Another interesting phenomenon is that often times city planning departments will run new transit projects through rougher neighbourhoods they want to rejuvenate. This is done for several reasons:
 

  1. Any land the city needs to acquire can be done so more economically.
  2. Neighbourhoods which have been run down have land developers can pick up
  3. Rezoning in rougher neighbourhoods can be easier as the residents do not always have enough money or lobbying power to cause a fuss.

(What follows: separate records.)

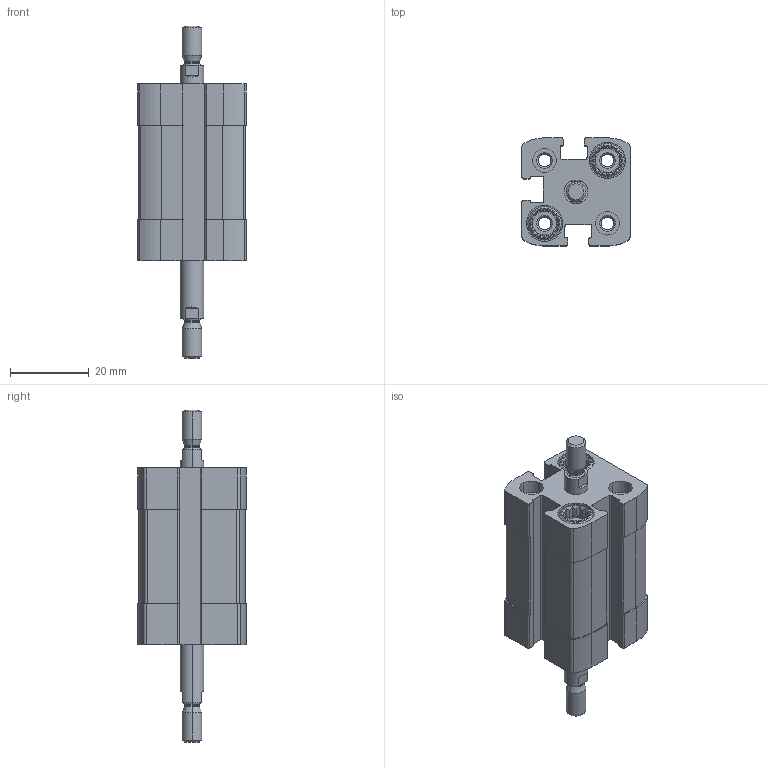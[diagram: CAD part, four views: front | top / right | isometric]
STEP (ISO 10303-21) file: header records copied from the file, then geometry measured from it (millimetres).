
FILE_DESCRIPTION (( 'STEP AP203' ), '1' );
FILE_NAME ('CCN12-10-P.STEP', '2020-06-22T18:33:58', ( '' ), ( '' ), 'SwSTEP 2.0', 'SolidWorks 2019', '' );
FILE_SCHEMA (( 'CONFIG_CONTROL_DESIGN' ));
Length unit declared in the file: millimetre
Products named in the file (1): CCN12-10-P
Bounding box: 27.5 x 27.5 x 84.5 mm (x, y, z)
Volume: 25506.5 mm3; surface area: 14139.6 mm2
Topology: 2 solids, 2 shells, 384 faces, 976 edges, 632 vertices
Faces by surface type: plane 192, cylinder 140, cone 44, torus 8
Entity records: 11783 total; most frequent: CARTESIAN_POINT 2293, DIRECTION 1986, ORIENTED_EDGE 1952, EDGE_CURVE 976, AXIS2_PLACEMENT_3D 725, VERTEX_POINT 632, VECTOR 536, LINE 536

  4. Long term project completions can allow developers a chance to build large scale projects that can complete around the same time as the transit projects
  5. Increases in population density and property values means more tax dollars for the city. (property tax is one of the few methods of collecting money a city has)

 
So this means you have an opportunity to pick up property at a discount, in an area where prices are already lower than those around it. Moreover, you know that once the projects are complete the property and the neighbourhood are going to see a significant INCREASE in market value and potential rent. A prime example of this was Yaletown in Vancouver. Once an industrial wasteland where no one wanted to be, now it has some of the highest property values in the world.
 
So there is one neighbourhood I believe has enormous potential for the next 36 months or so and that is Burquitlam (I agree it is a silly name). This area is the site for one of the new sky train stations, is full of older single family homes, the city has been approving mass rezoning for the area and a number of developers are about to break ground on new buildings. There is an opportunity to find decent properties at a reasonable price, gain positive cash-flow in the short term and have a big boost in the medium term. There are no guarantees in life but some good research and a little action you can dramatically increase your odds of success.